------ Data for the task

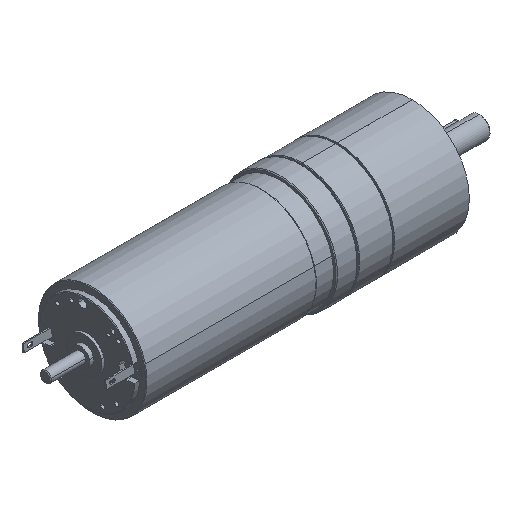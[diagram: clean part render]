
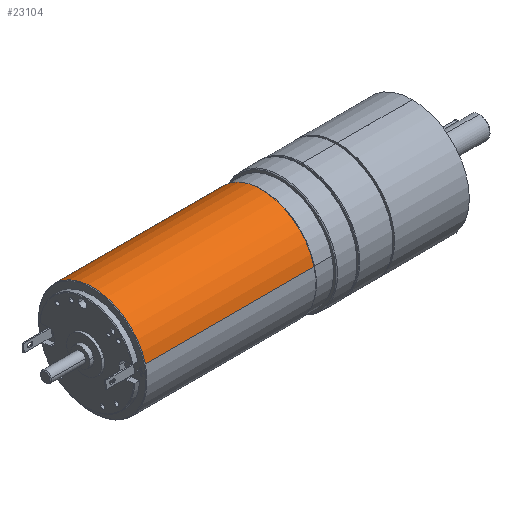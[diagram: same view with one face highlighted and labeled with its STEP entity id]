
A CAD part, isometric view. The second image highlights one B-rep face of the part: STEP entity #23104.
In plain terms, the highlighted cylindrical face has radius 20 mm (diameter 40 mm), a partial arc.
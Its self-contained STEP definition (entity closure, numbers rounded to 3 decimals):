
#108 = ORIENTED_EDGE ( 'NONE', *, *, #24914, .T. ) ;
#684 = VERTEX_POINT ( 'NONE', #25181 ) ;
#3570 = EDGE_CURVE ( 'NONE', #28309, #26868, #6902, .T. ) ;
#5060 = CIRCLE ( 'NONE', #10679, 20. ) ;
#5105 = EDGE_CURVE ( 'NONE', #28309, #22564, #5060, .T. ) ;
#5314 = CARTESIAN_POINT ( 'NONE',  ( 26.8, 0., -20. ) ) ;
#5832 = LINE ( 'NONE', #21210, #23069 ) ;
#6902 = LINE ( 'NONE', #18197, #18861 ) ;
#6982 = DIRECTION ( 'NONE',  ( -1., 0., 0. ) ) ;
#7736 = DIRECTION ( 'NONE',  ( -1., 0., 0. ) ) ;
#7866 = DIRECTION ( 'NONE',  ( -1., 0., 0. ) ) ;
#8637 = FACE_OUTER_BOUND ( 'NONE', #16826, .T. ) ;
#9248 = CARTESIAN_POINT ( 'NONE',  ( 89.1, 0., 20. ) ) ;
#10679 = AXIS2_PLACEMENT_3D ( 'NONE', #12601, #28367, #14876 ) ;
#11015 = CIRCLE ( 'NONE', #21486, 20. ) ;
#12601 = CARTESIAN_POINT ( 'NONE',  ( 89.1, 0., 0. ) ) ;
#13353 = ORIENTED_EDGE ( 'NONE', *, *, #24340, .F. ) ;
#13742 = AXIS2_PLACEMENT_3D ( 'NONE', #27444, #13857, #13951 ) ;
#13857 = DIRECTION ( 'NONE',  ( -1., 0., 0. ) ) ;
#13951 = DIRECTION ( 'NONE',  ( 0., 0., 1. ) ) ;
#14876 = DIRECTION ( 'NONE',  ( 0., 0., 1. ) ) ;
#16826 = EDGE_LOOP ( 'NONE', ( #18518, #21860, #108, #13353 ) ) ;
#18197 = CARTESIAN_POINT ( 'NONE',  ( 0., 0., -20. ) ) ;
#18518 = ORIENTED_EDGE ( 'NONE', *, *, #3570, .F. ) ;
#18861 = VECTOR ( 'NONE', #6982, 1000. ) ;
#21210 = CARTESIAN_POINT ( 'NONE',  ( 0., 0., 20. ) ) ;
#21341 = CARTESIAN_POINT ( 'NONE',  ( 26.8, 0., 0. ) ) ;
#21486 = AXIS2_PLACEMENT_3D ( 'NONE', #21341, #7866, #23585 ) ;
#21860 = ORIENTED_EDGE ( 'NONE', *, *, #5105, .T. ) ;
#22564 = VERTEX_POINT ( 'NONE', #9248 ) ;
#23069 = VECTOR ( 'NONE', #7736, 1000. ) ;
#23104 = ADVANCED_FACE ( 'NONE', ( #8637 ), #29054, .T. ) ;
#23585 = DIRECTION ( 'NONE',  ( 0., 0., 1. ) ) ;
#24340 = EDGE_CURVE ( 'NONE', #26868, #684, #11015, .T. ) ;
#24914 = EDGE_CURVE ( 'NONE', #22564, #684, #5832, .T. ) ;
#25181 = CARTESIAN_POINT ( 'NONE',  ( 26.8, 0., 20. ) ) ;
#26494 = CARTESIAN_POINT ( 'NONE',  ( 89.1, 0., -20. ) ) ;
#26868 = VERTEX_POINT ( 'NONE', #5314 ) ;
#27444 = CARTESIAN_POINT ( 'NONE',  ( 0., 0., 0. ) ) ;
#28309 = VERTEX_POINT ( 'NONE', #26494 ) ;
#28367 = DIRECTION ( 'NONE',  ( -1., 0., 0. ) ) ;
#29054 = CYLINDRICAL_SURFACE ( 'NONE', #13742, 20. ) ;
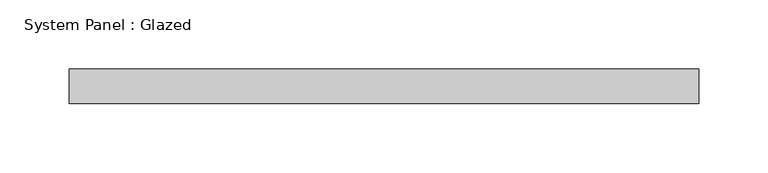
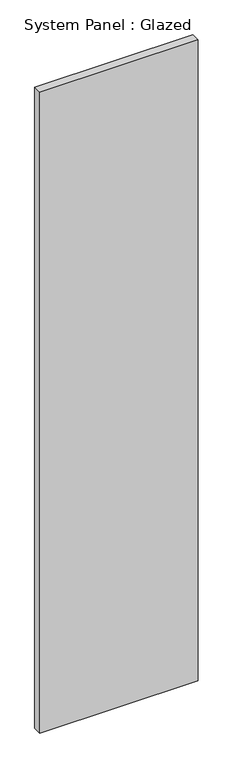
"""IFC4 building model written with IfcOpenShell, lengths in millimetres: plate geometry, System Panel : Glazed."""

from ifc_helpers import new_model, si_unit, origin, origin_with_axes, place, context, project, spatial, polyline, outline, extrude, source, transform, mapped, element, save


def system_panel_glazed_7898dc84(model_context):
    return source(origin(), model_context, "Body", "SweptSolid", [
        extrude(outline(polyline([(227.6287053, 24.5), (-227.6287053, 24.5), (-227.6287053, 49.5), (227.6287053, 49.5), (227.6287053, 24.5)])), origin_with_axes(), (0.0, 0.0, 1.0), 1950.0),
    ])


if __name__ == "__main__":
    model = new_model("IFC4")
    model_context = context("Model", 3, world=origin())
    ifc_project = project(units=[si_unit("LENGTHUNIT", "METRE", prefix="MILLI")], contexts=[model_context])
    site = spatial("IfcSite", under=ifc_project)
    building = spatial("IfcBuilding", under=site)
    placement = place(None, origin())
    system_panel_glazed_shape = system_panel_glazed_7898dc84(model_context)
    element("IfcPlate", 1, ObjectType="System Panel : Glazed", at=placement, inside=building, context=model_context, shape_type="MappedRepresentation", body=[
        mapped(system_panel_glazed_shape, transform((0.0, 0.0, 0.0), x_axis=(1.0, 0.0, 0.0), y_axis=(0.0, 1.0, 0.0), z_axis=(0.0, 0.0, 1.0))),
    ])
    save(model, "model.ifc")
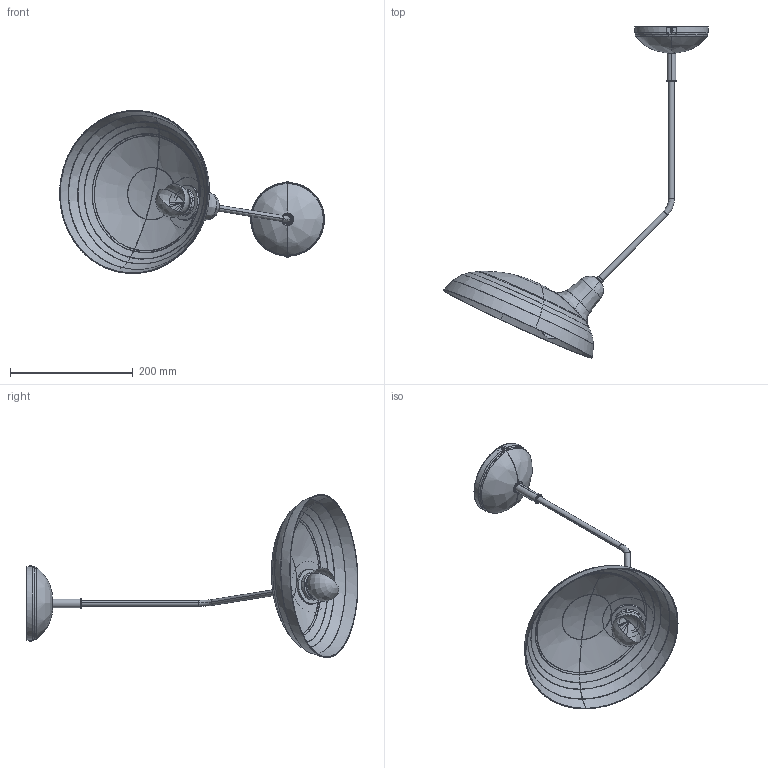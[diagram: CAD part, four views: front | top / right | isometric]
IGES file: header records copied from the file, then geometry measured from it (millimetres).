
Start section: SolidWorks IGES file using analytic representation for surfaces
Global section: file name: E:\_DESIGN\Aura\Aura I zwis 6866\Aura I 6866.IGS; native system: SolidWorks 2016; preprocessor: SolidWorks 2016; author: Asia; date: 160707.132407; units: millimetre
Bounding box: 431.21 x 540.72 x 265.68 mm (x, y, z)
Surface area: 287742.5 mm2 (no closed solid volume)
Topology: 0 solids, 0 shells, 532 faces, 7124 edges, 7121 vertices
Faces by surface type: revolution 310, bspline 222

------------

__Work to complete__: Show all lines in the entries above where the word "element" appears.

__Written answer__:
from ifc_helpers import new_model, si_unit, origin, origin_with_axes, place, context, project, spatial, polyline, outline, extrude, source, transform, mapped, element, save
    element("IfcPlate", 1, ObjectType="System Panel : Glazed", at=placement, inside=building, context=model_context, shape_type="MappedRepresentation", body=[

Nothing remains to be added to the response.